FCC Proposal to Expand Rural Broadband Too Limiting

Cheryl Clark, August 18, 2010

If the U.S. is ever to improve rural America's access to quality healthcare, the one thing it must provide—just about everyone agrees—is broadband Internet access.  Connections are needed from clinics to hospitals and to physician offices, to specialists who read images in faraway places, and even to patients' homes so their conditions can be remotely monitored and managed.

So when the Federal Communications Commission last month released its "Notice of Proposed Rulemaking" seeking comments on its plan to spend up to $400 million a year to improve rural health connectivity, I jumped in to read the 30-page tome.  The money would come from the Universal Service Fund, the charge appearing on phone bills, which is administered by the FCC.

"This greater broadband connectivity has the potential to revolutionize healthcare delivery by providing access to state-of-the-art Health IT solutions to over 12,000 hospitals and clinics across the nation," the proposal begins.

"Greater use of broadband will allow patients in medically underserved communities to receive healthcare locally and have access to state of the art diagnostic tools typically available only in the largest and most sophisticated medical centers.  Use of health-related applications delivered over broadband will not only save lives, but also cut costs by shortening average hospital stays, reducing the need for tests, and increasing administrative efficiencies."

For example, the proposal says, "remote patient monitoring for heart failure can save up to $6.4 billion annually through reduced hospital admissions.

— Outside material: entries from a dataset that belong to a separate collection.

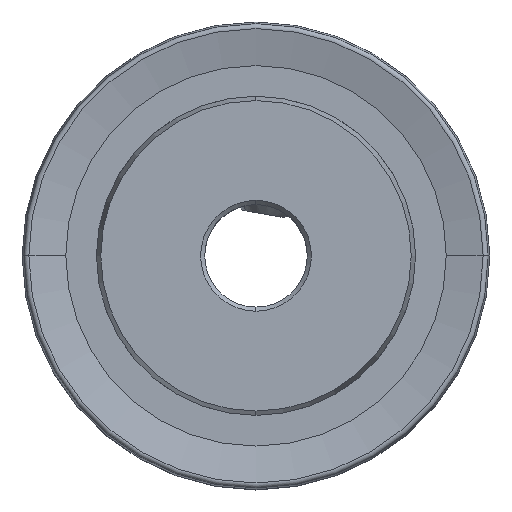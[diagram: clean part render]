
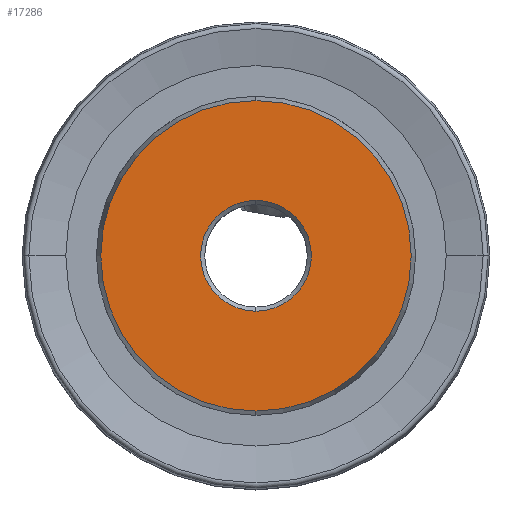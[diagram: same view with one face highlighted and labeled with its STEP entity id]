
A CAD part, top view. The second image highlights one B-rep face of the part: STEP entity #17286.
In plain terms, the highlighted planar face has unit normal (0, 0, 1).
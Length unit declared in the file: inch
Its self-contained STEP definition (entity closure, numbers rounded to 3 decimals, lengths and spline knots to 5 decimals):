
#1257 = EDGE_LOOP ( 'NONE', ( #5016, #5132 ) ) ;
#1679 = CIRCLE ( 'NONE', #16140, 0.135 ) ;
#1739 = EDGE_LOOP ( 'NONE', ( #10472, #12070 ) ) ;
#2706 = VERTEX_POINT ( 'NONE', #10441 ) ;
#2916 = CARTESIAN_POINT ( 'NONE',  ( 0., 0., 0.25005 ) ) ;
#3401 = CIRCLE ( 'NONE', #3631, 0.135 ) ;
#3631 = AXIS2_PLACEMENT_3D ( 'NONE', #2916, #12903, #14363 ) ;
#3686 = VERTEX_POINT ( 'NONE', #12097 ) ;
#4080 = FACE_BOUND ( 'NONE', #1739, .T. ) ;
#4113 = CARTESIAN_POINT ( 'NONE',  ( 0., 0., 0.25005 ) ) ;
#4995 = VERTEX_POINT ( 'NONE', #6411 ) ;
#5016 = ORIENTED_EDGE ( 'NONE', *, *, #16606, .T. ) ;
#5132 = ORIENTED_EDGE ( 'NONE', *, *, #16885, .T. ) ;
#5655 = CIRCLE ( 'NONE', #5969, 0.37844 ) ;
#5753 = CARTESIAN_POINT ( 'NONE',  ( 0., 0., 0.25005 ) ) ;
#5969 = AXIS2_PLACEMENT_3D ( 'NONE', #5753, #18469, #17238 ) ;
#6340 = EDGE_CURVE ( 'NONE', #3686, #2706, #1679, .T. ) ;
#6411 = CARTESIAN_POINT ( 'NONE',  ( 0., -0.37844, 0.25005 ) ) ;
#7413 = DIRECTION ( 'NONE',  ( 0., -1., 0. ) ) ;
#7902 = FACE_OUTER_BOUND ( 'NONE', #1257, .T. ) ;
#8338 = PLANE ( 'NONE',  #8858 ) ;
#8839 = CARTESIAN_POINT ( 'NONE',  ( 0., 0., 0.25005 ) ) ;
#8858 = AXIS2_PLACEMENT_3D ( 'NONE', #4113, #12628, #12518 ) ;
#9110 = AXIS2_PLACEMENT_3D ( 'NONE', #9205, #10634, #13380 ) ;
#9205 = CARTESIAN_POINT ( 'NONE',  ( 0., 0., 0.25005 ) ) ;
#9402 = VERTEX_POINT ( 'NONE', #9972 ) ;
#9972 = CARTESIAN_POINT ( 'NONE',  ( 0., 0.37844, 0.25005 ) ) ;
#10441 = CARTESIAN_POINT ( 'NONE',  ( 0., 0.135, 0.25005 ) ) ;
#10472 = ORIENTED_EDGE ( 'NONE', *, *, #6340, .T. ) ;
#10634 = DIRECTION ( 'NONE',  ( 0., 0., 1. ) ) ;
#12070 = ORIENTED_EDGE ( 'NONE', *, *, #14623, .T. ) ;
#12097 = CARTESIAN_POINT ( 'NONE',  ( 0., -0.135, 0.25005 ) ) ;
#12518 = DIRECTION ( 'NONE',  ( 0., 1., 0. ) ) ;
#12628 = DIRECTION ( 'NONE',  ( 0., 0., 1. ) ) ;
#12903 = DIRECTION ( 'NONE',  ( 0., 0., -1. ) ) ;
#13073 = DIRECTION ( 'NONE',  ( 0., 0., -1. ) ) ;
#13380 = DIRECTION ( 'NONE',  ( 0., -1., 0. ) ) ;
#14363 = DIRECTION ( 'NONE',  ( 0., -1., 0. ) ) ;
#14623 = EDGE_CURVE ( 'NONE', #2706, #3686, #3401, .T. ) ;
#16140 = AXIS2_PLACEMENT_3D ( 'NONE', #8839, #13073, #7413 ) ;
#16606 = EDGE_CURVE ( 'NONE', #9402, #4995, #5655, .T. ) ;
#16885 = EDGE_CURVE ( 'NONE', #4995, #9402, #18352, .T. ) ;
#17238 = DIRECTION ( 'NONE',  ( 0., -1., 0. ) ) ;
#17286 = ADVANCED_FACE ( 'NONE', ( #7902, #4080 ), #8338, .T. ) ;
#18352 = CIRCLE ( 'NONE', #9110, 0.37844 ) ;
#18469 = DIRECTION ( 'NONE',  ( 0., 0., 1. ) ) ;

The monetary benefits of remote monitoring of other medical conditions could be exponentially larger."

But for a variety of reasons the entire program and proposed rulemaking has become extremely controversial. Many rural health experts I spoke with insist that the FCC's current plan falls far short of being able to deliver its promises.  There are problems with whether it will help providers qualify for meaningful use requirements, but that's not even their main issue.